Stored entries:
********************
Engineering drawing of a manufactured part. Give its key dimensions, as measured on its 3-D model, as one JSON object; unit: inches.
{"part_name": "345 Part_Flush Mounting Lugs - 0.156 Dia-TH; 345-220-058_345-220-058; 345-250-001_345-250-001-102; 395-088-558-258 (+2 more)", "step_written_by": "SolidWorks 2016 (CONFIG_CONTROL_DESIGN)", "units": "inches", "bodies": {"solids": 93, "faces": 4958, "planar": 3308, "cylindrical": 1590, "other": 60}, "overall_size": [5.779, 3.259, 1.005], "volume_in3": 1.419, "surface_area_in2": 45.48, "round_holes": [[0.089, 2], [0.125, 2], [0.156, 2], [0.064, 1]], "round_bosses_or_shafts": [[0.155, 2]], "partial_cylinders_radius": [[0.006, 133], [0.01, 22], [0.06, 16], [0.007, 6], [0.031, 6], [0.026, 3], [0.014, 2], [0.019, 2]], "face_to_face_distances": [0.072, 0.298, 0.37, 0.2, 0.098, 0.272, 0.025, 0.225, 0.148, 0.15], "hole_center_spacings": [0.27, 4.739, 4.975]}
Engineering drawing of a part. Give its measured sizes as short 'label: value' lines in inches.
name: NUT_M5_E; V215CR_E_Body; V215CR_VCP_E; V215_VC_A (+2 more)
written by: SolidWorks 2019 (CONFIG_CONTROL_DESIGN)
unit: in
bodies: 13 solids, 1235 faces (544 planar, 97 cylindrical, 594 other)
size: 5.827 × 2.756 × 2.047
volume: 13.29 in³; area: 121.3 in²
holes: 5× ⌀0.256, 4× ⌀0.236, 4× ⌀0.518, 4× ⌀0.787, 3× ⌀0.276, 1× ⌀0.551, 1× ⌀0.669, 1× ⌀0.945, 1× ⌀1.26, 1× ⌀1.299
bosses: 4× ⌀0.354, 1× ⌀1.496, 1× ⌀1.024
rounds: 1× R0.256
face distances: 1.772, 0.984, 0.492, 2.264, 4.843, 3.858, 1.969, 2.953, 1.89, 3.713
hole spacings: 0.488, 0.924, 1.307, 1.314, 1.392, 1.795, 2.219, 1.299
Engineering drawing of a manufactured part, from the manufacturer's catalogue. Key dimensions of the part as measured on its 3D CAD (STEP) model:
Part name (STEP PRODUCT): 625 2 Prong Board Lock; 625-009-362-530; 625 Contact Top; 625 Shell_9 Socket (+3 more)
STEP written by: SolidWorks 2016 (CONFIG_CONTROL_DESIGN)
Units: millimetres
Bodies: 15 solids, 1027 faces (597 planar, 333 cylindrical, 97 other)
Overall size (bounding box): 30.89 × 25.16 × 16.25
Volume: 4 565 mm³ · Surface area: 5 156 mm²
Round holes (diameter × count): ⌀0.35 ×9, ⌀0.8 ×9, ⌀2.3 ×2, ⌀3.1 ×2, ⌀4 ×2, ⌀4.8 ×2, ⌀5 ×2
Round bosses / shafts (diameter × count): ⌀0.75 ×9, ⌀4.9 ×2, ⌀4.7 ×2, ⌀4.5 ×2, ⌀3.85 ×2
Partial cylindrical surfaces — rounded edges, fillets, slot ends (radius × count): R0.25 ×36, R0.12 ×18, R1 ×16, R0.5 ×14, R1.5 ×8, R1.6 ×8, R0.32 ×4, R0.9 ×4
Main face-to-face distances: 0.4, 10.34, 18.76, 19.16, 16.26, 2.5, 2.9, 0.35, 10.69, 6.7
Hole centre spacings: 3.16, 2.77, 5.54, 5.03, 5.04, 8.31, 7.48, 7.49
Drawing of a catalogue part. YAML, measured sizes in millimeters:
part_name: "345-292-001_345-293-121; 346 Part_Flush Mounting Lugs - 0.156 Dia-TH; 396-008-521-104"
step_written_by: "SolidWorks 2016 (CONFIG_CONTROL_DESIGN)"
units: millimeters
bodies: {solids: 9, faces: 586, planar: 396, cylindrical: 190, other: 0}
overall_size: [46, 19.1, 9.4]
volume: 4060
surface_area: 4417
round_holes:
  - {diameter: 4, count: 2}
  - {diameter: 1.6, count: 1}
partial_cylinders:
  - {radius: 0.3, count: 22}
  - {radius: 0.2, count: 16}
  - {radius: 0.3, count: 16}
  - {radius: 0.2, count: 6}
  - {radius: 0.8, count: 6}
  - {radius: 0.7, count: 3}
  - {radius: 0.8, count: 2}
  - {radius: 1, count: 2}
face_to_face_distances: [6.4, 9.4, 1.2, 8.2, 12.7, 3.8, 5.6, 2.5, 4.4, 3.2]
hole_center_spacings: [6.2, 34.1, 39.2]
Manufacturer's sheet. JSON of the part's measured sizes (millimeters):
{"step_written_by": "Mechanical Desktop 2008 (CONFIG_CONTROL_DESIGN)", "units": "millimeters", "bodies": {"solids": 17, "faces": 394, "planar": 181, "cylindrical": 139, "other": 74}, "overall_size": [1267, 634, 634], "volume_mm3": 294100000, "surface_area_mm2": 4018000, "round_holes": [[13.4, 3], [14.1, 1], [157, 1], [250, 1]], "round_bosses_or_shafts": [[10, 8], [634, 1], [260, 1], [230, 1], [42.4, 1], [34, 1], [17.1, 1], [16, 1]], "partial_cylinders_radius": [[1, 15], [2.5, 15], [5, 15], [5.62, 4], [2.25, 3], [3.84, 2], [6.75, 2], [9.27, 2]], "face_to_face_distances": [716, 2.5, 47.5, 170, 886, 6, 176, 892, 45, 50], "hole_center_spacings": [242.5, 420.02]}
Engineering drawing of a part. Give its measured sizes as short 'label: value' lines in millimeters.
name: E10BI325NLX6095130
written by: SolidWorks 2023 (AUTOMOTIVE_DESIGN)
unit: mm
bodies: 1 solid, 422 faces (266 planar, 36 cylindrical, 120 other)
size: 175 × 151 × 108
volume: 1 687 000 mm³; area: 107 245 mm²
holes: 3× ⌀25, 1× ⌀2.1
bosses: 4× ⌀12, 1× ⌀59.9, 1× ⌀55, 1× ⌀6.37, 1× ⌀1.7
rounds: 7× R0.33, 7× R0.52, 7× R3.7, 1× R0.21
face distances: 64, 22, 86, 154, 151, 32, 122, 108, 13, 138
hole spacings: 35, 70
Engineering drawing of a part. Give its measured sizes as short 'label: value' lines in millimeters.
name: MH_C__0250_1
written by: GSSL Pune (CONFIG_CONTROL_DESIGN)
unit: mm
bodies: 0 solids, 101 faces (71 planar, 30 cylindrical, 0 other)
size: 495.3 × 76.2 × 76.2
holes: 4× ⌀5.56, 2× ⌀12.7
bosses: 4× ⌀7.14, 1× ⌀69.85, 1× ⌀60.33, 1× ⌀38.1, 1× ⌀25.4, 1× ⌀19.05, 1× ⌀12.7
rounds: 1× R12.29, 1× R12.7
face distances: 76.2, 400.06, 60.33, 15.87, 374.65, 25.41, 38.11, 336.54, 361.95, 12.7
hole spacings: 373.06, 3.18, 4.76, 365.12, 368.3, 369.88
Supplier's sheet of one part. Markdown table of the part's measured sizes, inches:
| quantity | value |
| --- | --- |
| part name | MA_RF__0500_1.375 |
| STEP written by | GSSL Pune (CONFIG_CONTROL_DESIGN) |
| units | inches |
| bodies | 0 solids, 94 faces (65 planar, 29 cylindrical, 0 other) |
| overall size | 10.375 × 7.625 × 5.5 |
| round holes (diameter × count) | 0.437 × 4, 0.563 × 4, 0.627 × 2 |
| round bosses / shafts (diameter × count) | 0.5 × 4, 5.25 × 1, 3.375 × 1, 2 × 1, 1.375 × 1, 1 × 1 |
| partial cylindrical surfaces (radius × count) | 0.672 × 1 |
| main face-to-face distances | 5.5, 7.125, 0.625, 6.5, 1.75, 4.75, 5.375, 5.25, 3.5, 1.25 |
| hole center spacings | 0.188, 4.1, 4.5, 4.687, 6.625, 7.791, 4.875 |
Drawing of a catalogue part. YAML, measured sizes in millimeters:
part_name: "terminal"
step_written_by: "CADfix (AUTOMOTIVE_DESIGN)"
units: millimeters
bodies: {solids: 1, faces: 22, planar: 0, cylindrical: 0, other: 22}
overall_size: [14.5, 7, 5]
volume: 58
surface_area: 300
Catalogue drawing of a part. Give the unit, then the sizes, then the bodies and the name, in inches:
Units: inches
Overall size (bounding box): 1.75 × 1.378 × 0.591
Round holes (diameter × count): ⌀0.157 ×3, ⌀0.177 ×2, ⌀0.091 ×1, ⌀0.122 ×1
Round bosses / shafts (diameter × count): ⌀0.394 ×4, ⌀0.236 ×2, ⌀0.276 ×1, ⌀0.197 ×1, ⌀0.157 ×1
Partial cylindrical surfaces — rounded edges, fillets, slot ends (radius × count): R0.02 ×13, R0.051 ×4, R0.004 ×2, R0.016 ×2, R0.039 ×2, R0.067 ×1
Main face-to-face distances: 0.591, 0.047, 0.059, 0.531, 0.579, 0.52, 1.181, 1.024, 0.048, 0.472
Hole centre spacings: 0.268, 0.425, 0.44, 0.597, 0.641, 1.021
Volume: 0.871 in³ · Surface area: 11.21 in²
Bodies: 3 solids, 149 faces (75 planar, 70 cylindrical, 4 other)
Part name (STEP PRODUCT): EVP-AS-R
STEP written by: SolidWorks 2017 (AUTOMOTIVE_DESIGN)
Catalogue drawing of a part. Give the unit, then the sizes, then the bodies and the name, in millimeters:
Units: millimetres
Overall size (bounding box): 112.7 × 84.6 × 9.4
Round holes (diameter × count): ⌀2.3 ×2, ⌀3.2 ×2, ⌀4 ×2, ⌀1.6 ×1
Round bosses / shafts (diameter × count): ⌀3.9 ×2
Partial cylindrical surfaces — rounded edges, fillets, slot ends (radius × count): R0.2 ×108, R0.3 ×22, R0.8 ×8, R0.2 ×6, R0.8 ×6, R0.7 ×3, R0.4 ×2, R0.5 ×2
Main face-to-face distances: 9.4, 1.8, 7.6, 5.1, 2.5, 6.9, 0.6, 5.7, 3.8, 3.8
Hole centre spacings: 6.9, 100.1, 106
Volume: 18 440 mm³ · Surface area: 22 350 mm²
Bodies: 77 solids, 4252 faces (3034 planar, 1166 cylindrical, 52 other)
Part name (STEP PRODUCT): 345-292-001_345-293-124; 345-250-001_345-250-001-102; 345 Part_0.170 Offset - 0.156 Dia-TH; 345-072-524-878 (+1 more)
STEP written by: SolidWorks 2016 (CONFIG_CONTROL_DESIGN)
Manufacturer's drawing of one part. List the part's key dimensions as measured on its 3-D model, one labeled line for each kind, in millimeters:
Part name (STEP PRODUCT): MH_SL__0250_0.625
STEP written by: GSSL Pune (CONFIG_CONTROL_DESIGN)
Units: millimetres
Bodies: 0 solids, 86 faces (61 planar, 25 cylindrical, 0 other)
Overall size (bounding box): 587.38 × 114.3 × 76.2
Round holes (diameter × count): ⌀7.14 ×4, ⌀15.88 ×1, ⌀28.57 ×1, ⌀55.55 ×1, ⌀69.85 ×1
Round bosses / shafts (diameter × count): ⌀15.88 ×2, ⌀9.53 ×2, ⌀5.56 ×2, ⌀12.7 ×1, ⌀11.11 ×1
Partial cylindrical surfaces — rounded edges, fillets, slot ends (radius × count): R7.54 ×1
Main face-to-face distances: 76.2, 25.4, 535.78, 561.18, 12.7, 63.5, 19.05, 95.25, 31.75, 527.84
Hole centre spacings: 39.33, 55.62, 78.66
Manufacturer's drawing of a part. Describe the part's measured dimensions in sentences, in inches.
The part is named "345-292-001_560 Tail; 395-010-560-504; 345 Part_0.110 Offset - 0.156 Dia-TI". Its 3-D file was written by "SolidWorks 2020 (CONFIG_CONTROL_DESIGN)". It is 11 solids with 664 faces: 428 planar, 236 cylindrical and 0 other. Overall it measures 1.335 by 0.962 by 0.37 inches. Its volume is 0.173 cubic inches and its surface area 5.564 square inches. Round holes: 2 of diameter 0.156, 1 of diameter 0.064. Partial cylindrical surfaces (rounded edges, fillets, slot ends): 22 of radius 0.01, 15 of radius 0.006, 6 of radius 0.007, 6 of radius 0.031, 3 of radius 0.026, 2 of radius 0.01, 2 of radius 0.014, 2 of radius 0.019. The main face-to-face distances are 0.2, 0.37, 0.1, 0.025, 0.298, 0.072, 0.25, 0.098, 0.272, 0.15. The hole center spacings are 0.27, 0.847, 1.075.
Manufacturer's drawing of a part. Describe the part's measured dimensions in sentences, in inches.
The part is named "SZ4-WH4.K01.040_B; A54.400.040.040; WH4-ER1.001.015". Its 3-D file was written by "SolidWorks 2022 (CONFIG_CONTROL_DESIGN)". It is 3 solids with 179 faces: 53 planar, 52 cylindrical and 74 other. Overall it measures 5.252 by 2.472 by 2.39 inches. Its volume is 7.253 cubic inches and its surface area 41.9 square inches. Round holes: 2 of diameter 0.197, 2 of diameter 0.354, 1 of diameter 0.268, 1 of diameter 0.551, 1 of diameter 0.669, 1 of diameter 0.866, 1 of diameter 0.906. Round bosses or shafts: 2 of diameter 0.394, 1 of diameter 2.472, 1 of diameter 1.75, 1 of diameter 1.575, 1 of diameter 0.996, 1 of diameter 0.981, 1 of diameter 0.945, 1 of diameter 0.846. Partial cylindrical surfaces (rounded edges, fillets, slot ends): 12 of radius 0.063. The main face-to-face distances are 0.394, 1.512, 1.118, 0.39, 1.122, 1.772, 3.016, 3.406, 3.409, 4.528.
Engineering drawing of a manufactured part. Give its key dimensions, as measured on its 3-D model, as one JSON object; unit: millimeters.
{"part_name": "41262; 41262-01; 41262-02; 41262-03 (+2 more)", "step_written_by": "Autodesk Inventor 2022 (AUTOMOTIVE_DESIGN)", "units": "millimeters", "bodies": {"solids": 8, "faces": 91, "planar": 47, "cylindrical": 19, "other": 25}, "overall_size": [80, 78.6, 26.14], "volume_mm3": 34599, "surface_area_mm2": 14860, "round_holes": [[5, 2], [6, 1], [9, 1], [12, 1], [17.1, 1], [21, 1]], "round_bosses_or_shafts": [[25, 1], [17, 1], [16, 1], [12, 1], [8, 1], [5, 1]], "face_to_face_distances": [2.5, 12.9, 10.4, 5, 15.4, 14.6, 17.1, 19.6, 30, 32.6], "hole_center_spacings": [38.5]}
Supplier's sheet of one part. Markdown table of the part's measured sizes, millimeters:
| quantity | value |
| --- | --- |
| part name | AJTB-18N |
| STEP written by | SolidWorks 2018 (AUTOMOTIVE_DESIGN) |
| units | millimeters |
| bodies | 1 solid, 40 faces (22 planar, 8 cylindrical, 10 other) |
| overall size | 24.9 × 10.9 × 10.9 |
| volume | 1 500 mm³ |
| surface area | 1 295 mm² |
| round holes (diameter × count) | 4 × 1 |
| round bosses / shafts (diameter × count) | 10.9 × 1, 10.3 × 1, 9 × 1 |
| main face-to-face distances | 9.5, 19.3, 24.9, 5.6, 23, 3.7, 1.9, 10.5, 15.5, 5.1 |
********************
* **What the task asks**: Return every line holding the word "GSSL" from the records.

* **Written answer**:
written by: GSSL Pune (CONFIG_CONTROL_DESIGN)
| STEP written by | GSSL Pune (CONFIG_CONTROL_DESIGN) |
STEP written by: GSSL Pune (CONFIG_CONTROL_DESIGN)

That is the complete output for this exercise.